La luna vegliava su di noi dall'alto mentre la luce delle fiaccole ci illuminava il viso di un tenue arancio.
Una piccola parte del regno era lì, in piedi, davanti alla cascata.
E c'ero anch'io.
Ero lì, in piedi, davanti alla cascata, davanti al corpo senza vita di mio padre.
Antoine De Maris, stregone noir, vecchio re del Regno del Nord.
Aveva in viso un'espressione serena, quasi...tranquilla.
Indosso aveva un abito elegante e depositate sopra i suoi occhi aveva due monete d'oro che brillavano di luce propria. Tra le mani, ormai segnate dall'età, era depositata una spada che accarezzava le sue gambe a segnare il suo spirito da guerriero.
«Vostra altezza, è il momento» sussurrò leggermente Nathan vicino a me.

Presi la situazione in mano, alzai la testa che portava ormai da anni il peso della corona e mi voltai verso quello che era una parte del mio popolo.

I corti capelli neri si confondevano con l'oscurità della notte accarezzandomi il collo, così come l'elegante vestito nero che indossavo.

Ero perfetta, dovevo esserlo.

«Popolo! Siete qui oggi per adempiere alla tradizione del nostro regno, che prima ancora era la tradizione delle due congreghe. Siete qui oggi, con me, la vostra regina, per dire addio ad Antoine De Maris, precedente sovrano del Regno del Nord. È stato rinvenuto morto questa mattina nelle sue stanze per colpa di un infarto. Purtroppo i medici reali non hanno potuto fare niente per salvargli la vita e tanto meno io» dissi a voce leggermente alta affinché tutti potessero sentirmi.

Feci scorrere i miei occhi su tutte le persone presenti mentre il freddo si insinuava tra di noi.

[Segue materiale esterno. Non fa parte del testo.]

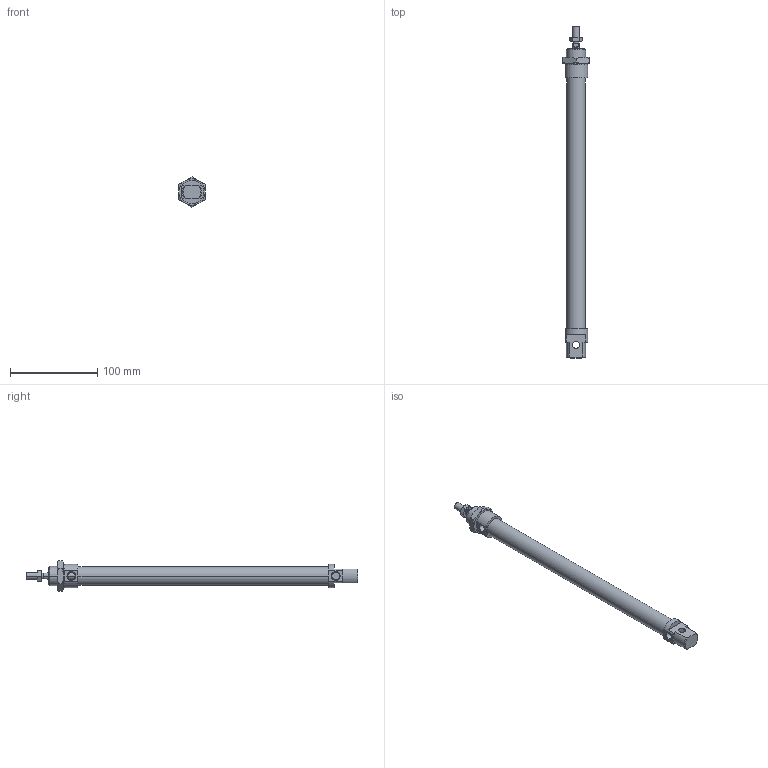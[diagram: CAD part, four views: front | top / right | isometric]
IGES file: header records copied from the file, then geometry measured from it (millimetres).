
Global section: file name: No Iges File Name specified; native system: Autodesk Inventor 2010; preprocessor: AutoDesk Inventor Iges Exporter R2010; author: rivolro1; date: 20090604.093312; units: millimetre
Bounding box: 30 x 380 x 34.64 mm (x, y, z)
Volume: 132604.1 mm3; surface area: 43748.2 mm2
Topology: 4 solids, 4 shells, 110 faces, 249 edges, 152 vertices
Faces by surface type: plane 41, cone 28, bspline 21, cylinder 14, revolution 6

Mi voltai nuovamente verso il corpo di mio padre disteso su una piccola barca e avvolto da un'incantesimo protettivo.
Spinsi con la magia la barchetta allontanandola dalla riva, allontanandola da me.
Alzai il pallido braccio destro in aria per poi abbassarlo in un momento successivo.

Dopo un singolo battito di ciglia, frecce infuocate piombarono vicino alla barca che lentamente si stava dirigendo verso il dirupo.
Sembravano stelle cadenti.
Era uno spettacolo meraviglioso, a dir poco...perfetto.

Ma il dolore lancinante che provava il mio cuore mi stava impedendo di reggermi sui miei stessi piedi. Mi voltai e iniziai a camminare verso il castello, mentre Nathan mi scortava.
I suoi capelli biondi erano attraversati da leggeri fasci di luce dovuti al fuoco, così come i suoi brillanti occhi azzurri.
«Nathan, il castello è molto vicino, visto e considerato che la cascata si trova nel giardino sul retro. Non c'è bisogno di scortarmi. È stata una giornata difficile per tutti. Prenditi dei giorni di riposo» affermai con una leggera emissione di fiato continuando a camminare.
La collana di perle che indossavo si stava stringendo al mio collo come un serpente faceva con la sua preda mentre la corona si faceva sempre più pesante. Sentivo i piedi morire lentamente dentro i tacchi che ero costretta a indossare e il fiato mancare a causa dell'abito succinto.

«Vostra maestà, come già vi avevo riferito anche in mattinata, non intendo prendermi i giorni di riposo. Mi rammarica profondamente disobbedirvi, ma questo è il mio lavoro. Sono stato allenato dai migliori combattenti del regno, per secoli, per diventare colonnello. E oggi, avendo raggiunto quell'obiettivo, devo adempiere a tutti i miei incarichi. Lei stessa mi ha scelto come guardia personale e questo significa che devo scortarvi fino alle vostre stanze».
Oramai con Nathan era sempre così.
Non avevo mai incontrato nessuno nel corso della mia lunga esistenza con un così solido senso del lavoro.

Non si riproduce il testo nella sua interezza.